There are obvious limitations due to the single-arm non-randomized study design with significant selection bias. All analysis was limited to Absorb™ BRS patients with no direct comparator. The moderate number of enrolled patients does not allow us to reach any definitive conclusions on clinical outcomes. We present 5 year clinical data of only 81 out of 134 patients (60%) with implanted BRS, thus it should be regarded as subanalysis of the PRAGUE-19 study. However, this article was mainly focused on 5 year imaging and final clinical data are planned to be published in 2021. The invasive assessment is also limited by small number of studied patients but represents the only available scientific data on long-term follow-up after Absorb™ BRS use in STEMI patients and the number of patients is similar to other studies with long-term invasive follow-up of BRS technology. All analysis was performed on-site and not in the independent core-laboratory. The inclusion criterium (invasive study at five-year follow-up) could introduce inclusion bias, this is however clinically unlikely as the more symptomatic patients should be more likely to agree to repeat coronary angiography.

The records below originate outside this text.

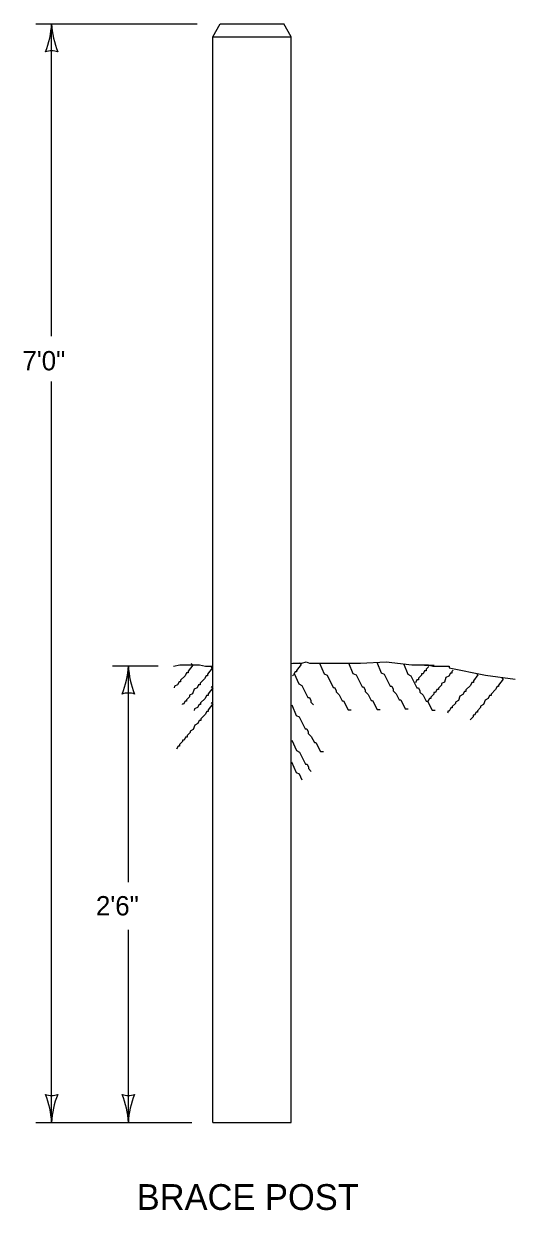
# Model space of a CAD drawing. Extents: x 49991 to 50288, y 49919 to 50011.
# Drawn here: x 50145.21 to 50148.35, y 49937.35 to 49944.96 of the extents above; entities that cross this region are included whole.
import ezdxf

# ---------------------------------------------------------------- set-up
doc = ezdxf.new("R2010")
doc.units = 0
for name, color, linetype in [('Level 1', 7, 'Continuous'), ('Level 2', 7, 'Continuous'), ('Level 5', 7, 'Continuous'), ('Level 7', 7, 'Continuous')]:
    doc.layers.add(name, color=color, linetype=linetype)

msp = doc.modelspace()

# ---------------------------------------------------------------- linework, layer by layer
at = {"layer": 'Level 1'}
for centre, radius, start, end in [((50144.8583, 49944.9773), 0.5262, 337.45601, 357.63952), ((50145.9349, 49944.9828), 0.5515, 182.82731, 202.07716), ((50145.3841, 49944.6521), 0.1296, 72.13882, 107.86118), ((50145.35, 49940.8626), 0.5262, 337.45601, 357.63952), ((50146.4265, 49940.8682), 0.5515, 182.82731, 202.07716), ((50145.8757, 49940.5375), 0.1296, 72.13882, 107.86118), ((50145.3841, 49938.2188), 0.1296, 252.13882, 287.86118), ((50144.8333, 49937.8882), 0.5515, 2.82731, 22.07716), ((50145.9099, 49937.8937), 0.5262, 157.45601, 177.63952), ((50145.8757, 49938.2188), 0.1296, 252.13882, 287.86118), ((50145.3249, 49937.8882), 0.5515, 2.82731, 22.07716), ((50146.4015, 49937.8937), 0.5262, 157.45601, 177.63952)]:
    msp.add_arc(centre, radius, start, end, dxfattribs=at)
at = {"layer": 'Level 5'}
msp.add_line((50147.7722, 49940.8452), (50147.833, 49940.8452), dxfattribs=at)
for points in [[(50146.1639, 49940.8401), (50146.2054, 49940.8483), (50146.3308, 49940.8483), (50146.3691, 49940.8387), (50146.417, 49940.8387)], [(50146.2777, 49940.8556), (50146.2874, 49940.8461), (50146.2586, 49940.8075), (50146.2586, 49940.7977), (50146.2488, 49940.7977), (50146.2393, 49940.7784), (50146.2102, 49940.7496), (50146.2102, 49940.74), (50146.2007, 49940.74), (50146.1909, 49940.7207), (50146.1718, 49940.711), (50146.1681, 49940.7002)], [(50146.4027, 49940.8362), (50146.4124, 49940.8266), (50146.3834, 49940.788), (50146.3834, 49940.7784), (50146.3738, 49940.7784), (50146.3641, 49940.7591), (50146.3352, 49940.7304), (50146.3352, 49940.7205), (50146.3255, 49940.7205), (50146.3159, 49940.7014), (50146.2968, 49940.6917), (50146.2869, 49940.6628), (50146.2677, 49940.6531), (50146.2677, 49940.6433), (50146.2484, 49940.624), (50146.2484, 49940.6146), (50146.2389, 49940.6146), (50146.229, 49940.5952), (50146.2195, 49940.5952), (50146.2195, 49940.593)], [(50146.9193, 49940.856), (50146.9283, 49940.858), (50146.9862, 49940.858), (50147.015, 49940.8675), (50147.0345, 49940.858), (50147.3331, 49940.858), (50147.3621, 49940.858), (50147.5262, 49940.8675), (50147.6898, 49940.8483), (50147.7959, 49940.8483), (50147.8246, 49940.8387), (50147.8922, 49940.8387), (50147.9306, 49940.8387), (50147.9306, 49940.829), (50148.1622, 49940.7808), (50148.3528, 49940.7563)], [(50146.9718, 49940.8604), (50146.9813, 49940.8506), (50146.9525, 49940.8122), (50146.9525, 49940.8026), (50146.9427, 49940.8026), (50146.9332, 49940.7833), (50146.9264, 49940.7765)], [(50147.0995, 49940.858), (50147.1283, 49940.7904), (50147.1476, 49940.7808), (50147.1861, 49940.7036), (50147.196, 49940.7036), (50147.2054, 49940.6843), (50147.2054, 49940.6748), (50147.2247, 49940.6555), (50147.244, 49940.6169), (50147.2537, 49940.6169), (50147.2826, 49940.5591), (50147.3019, 49940.5591)], [(50147.2849, 49940.8604), (50147.3138, 49940.7929), (50147.3332, 49940.7833), (50147.3717, 49940.7061), (50147.3814, 49940.7061), (50147.391, 49940.6868), (50147.391, 49940.6773), (50147.4103, 49940.658), (50147.4296, 49940.6194), (50147.4391, 49940.6194), (50147.4682, 49940.5616), (50147.4876, 49940.5616)], [(50147.4658, 49940.865), (50147.4946, 49940.7977), (50147.5139, 49940.788), (50147.5525, 49940.711), (50147.5621, 49940.711), (50147.5717, 49940.6917), (50147.5717, 49940.6822), (50147.5911, 49940.6627), (50147.6103, 49940.6241), (50147.6202, 49940.6241), (50147.6489, 49940.5664), (50147.6682, 49940.5664)], [(50147.6368, 49940.8556), (50147.6657, 49940.788), (50147.6851, 49940.7784), (50147.7236, 49940.7013), (50147.7331, 49940.7013), (50147.7429, 49940.6822), (50147.7429, 49940.6723), (50147.7623, 49940.653), (50147.7816, 49940.6145), (50147.791, 49940.6145), (50147.82, 49940.5566), (50147.8393, 49940.5566)], [(50147.7989, 49940.8368), (50147.7816, 49940.8193), (50147.7816, 49940.8097), (50147.7717, 49940.8097), (50147.7623, 49940.7906), (50147.7525, 49940.7906), (50147.7525, 49940.7808), (50147.733, 49940.7617), (50147.733, 49940.752), (50147.7236, 49940.752), (50147.714, 49940.7327)], [(50147.9556, 49940.813), (50147.9477, 49940.805), (50147.9477, 49940.7954), (50147.938, 49940.7954), (50147.9284, 49940.7763), (50147.9093, 49940.7664), (50147.8994, 49940.7375), (50147.8801, 49940.7279), (50147.8801, 49940.7182), (50147.8608, 49940.6989), (50147.8608, 49940.6893), (50147.8513, 49940.6893), (50147.8415, 49940.6702), (50147.832, 49940.6702), (50147.832, 49940.6605), (50147.8127, 49940.6412), (50147.8127, 49940.6316), (50147.8029, 49940.6316), (50147.7934, 49940.6121)], [(50146.9382, 49940.7927), (50146.967, 49940.7254), (50146.9862, 49940.7157), (50147.0248, 49940.6387), (50147.0345, 49940.6387), (50147.0441, 49940.6194), (50147.0441, 49940.6098), (50147.0619, 49940.592)], [(50148.1043, 49940.7929), (50148.114, 49940.7833), (50148.085, 49940.7447), (50148.085, 49940.7352), (50148.0754, 49940.7352), (50148.0657, 49940.7157), (50148.037, 49940.6868), (50148.037, 49940.6773), (50148.0271, 49940.6773), (50148.0176, 49940.658), (50147.9983, 49940.6482), (50147.9885, 49940.6195), (50147.9692, 49940.6098), (50147.9692, 49940.6002), (50147.9499, 49940.5809), (50147.9499, 49940.5714), (50147.9404, 49940.5714), (50147.9306, 49940.5521), (50147.9212, 49940.5521), (50147.9212, 49940.5423), (50147.9182, 49940.5393)], [(50148.2657, 49940.7664), (50148.2755, 49940.7566), (50148.2464, 49940.7182), (50148.2464, 49940.7086), (50148.2369, 49940.7086), (50148.2271, 49940.6893), (50148.1983, 49940.6605), (50148.1983, 49940.6507), (50148.1887, 49940.6507), (50148.179, 49940.6316), (50148.1597, 49940.622), (50148.1499, 49940.5928), (50148.1308, 49940.5833), (50148.1308, 49940.5737), (50148.1117, 49940.5541), (50148.1117, 49940.5447), (50148.1019, 49940.5447), (50148.0922, 49940.5254), (50148.0826, 49940.5254), (50148.0826, 49940.5157), (50148.0632, 49940.4964)], [(50146.4059, 49940.7101), (50146.4156, 49940.7006), (50146.3868, 49940.6619), (50146.3868, 49940.6521), (50146.377, 49940.6521), (50146.3675, 49940.6328), (50146.3384, 49940.604), (50146.3384, 49940.5944), (50146.3289, 49940.5944), (50146.3191, 49940.5751), (50146.3, 49940.5655), (50146.2964, 49940.5546)], [(50146.4063, 49940.6069), (50146.4159, 49940.5974), (50146.3869, 49940.5588), (50146.3869, 49940.549), (50146.3775, 49940.549), (50146.3677, 49940.5299), (50146.3389, 49940.501), (50146.3389, 49940.4913), (50146.3293, 49940.4913), (50146.3196, 49940.472), (50146.3003, 49940.4624), (50146.2905, 49940.4334), (50146.2712, 49940.4238), (50146.2712, 49940.4141), (50146.2519, 49940.3948), (50146.2519, 49940.3852), (50146.2424, 49940.3852), (50146.2329, 49940.3659), (50146.223, 49940.3659), (50146.223, 49940.3562), (50146.2037, 49940.337), (50146.2037, 49940.3272), (50146.1941, 49940.3272), (50146.1844, 49940.3081)], [(50146.9219, 49940.5916), (50146.9507, 49940.5241), (50146.97, 49940.5145), (50147.0085, 49940.4372), (50147.0184, 49940.4372), (50147.0278, 49940.4179), (50147.0278, 49940.4084), (50147.0471, 49940.3891), (50147.0665, 49940.3505), (50147.0762, 49940.3505), (50147.1051, 49940.2927), (50147.1244, 49940.2927)], [(50146.9234, 49940.366), (50146.9522, 49940.2987), (50146.9714, 49940.289), (50147.01, 49940.212), (50147.0197, 49940.212), (50147.0293, 49940.1927), (50147.0293, 49940.1831), (50147.0471, 49940.1653)], [(50146.9206, 49940.2257), (50146.9496, 49940.1582), (50146.9689, 49940.1487), (50146.9874, 49940.1114)]]:
    msp.add_lwpolyline(points, dxfattribs=at)
at = {"layer": 'Level 7'}
for p, q in [((50145.2835, 49944.9556), (50146.3171, 49944.9556)), ((50145.3841, 49942.9534), (50145.3841, 49944.9556)), ((50146.4158, 49944.8721), (50146.464, 49944.9556)), ((50146.464, 49944.9556), (50146.8705, 49944.9556)), ((50146.9187, 49944.8721), (50146.8705, 49944.9556)), ((50146.4158, 49944.8721), (50146.9187, 49944.8721)), ((50146.4158, 49937.9154), (50146.4158, 49944.8721)), ((50146.9187, 49943.6984), (50146.9187, 49944.8721)), ((50146.9187, 49937.9154), (50146.9187, 49943.6984)), ((50145.3841, 49937.9154), (50145.3841, 49942.6623)), ((50145.7751, 49940.8409), (50146.0655, 49940.8409)), ((50145.8757, 49939.456), (50145.8757, 49940.8409)), ((50145.8757, 49937.9154), (50145.8757, 49939.1501)), ((50145.2835, 49937.9154), (50146.2827, 49937.9154)), ((50146.4158, 49937.9154), (50146.9187, 49937.9154))]:
    msp.add_line(p, q, dxfattribs=at)

# ---------------------------------------------------------------- texts
at = {"layer": 'Level 2'}
for s, p in [('7\'0"', (50145.1974, 49942.7347)), ('2\'6"', (50145.6682, 49939.2425))]:
    msp.add_text(s, height=0.12374, rotation=360, dxfattribs=at).set_placement(p)
msp.add_text('BRACE POST', height=0.16498, dxfattribs=at).set_placement((50145.9291, 49937.3556))

doc.saveas('drawing.dxf')

Our results should be interpreted as hypothesis-generating and confirmed by larger, randomized studies with long term follow-up. Nevertheless, stable vessel architecture after BRS resorption that we have observed in our imaging substudy, is promising-proof of concept for future generation of BRS with shorter resorption process. In the era of development of new stents technologies, careful imaging assessment in the long-term follow studies next to large cohort clinical assessment is essential to translate new technologies into daily clinical practice.

Conclusions

This Prague-19 substudy analysis of STEMI patients treated with Absorb™ BRS presents the first clinical and imaging results after five years of follow-up. Angiographic late lumen loss is very low, and OCT confirmed complete resorption of BRS struts. STEMI might represent very suitable setting for further development of BRS technology.

Impact on daily practice

Results of Prague-19 study 5-year follow-up together with recently published ISAR-Absorb MI trial one-year safety data could lead to clinical testing of new generation BRS in patients with STEMI.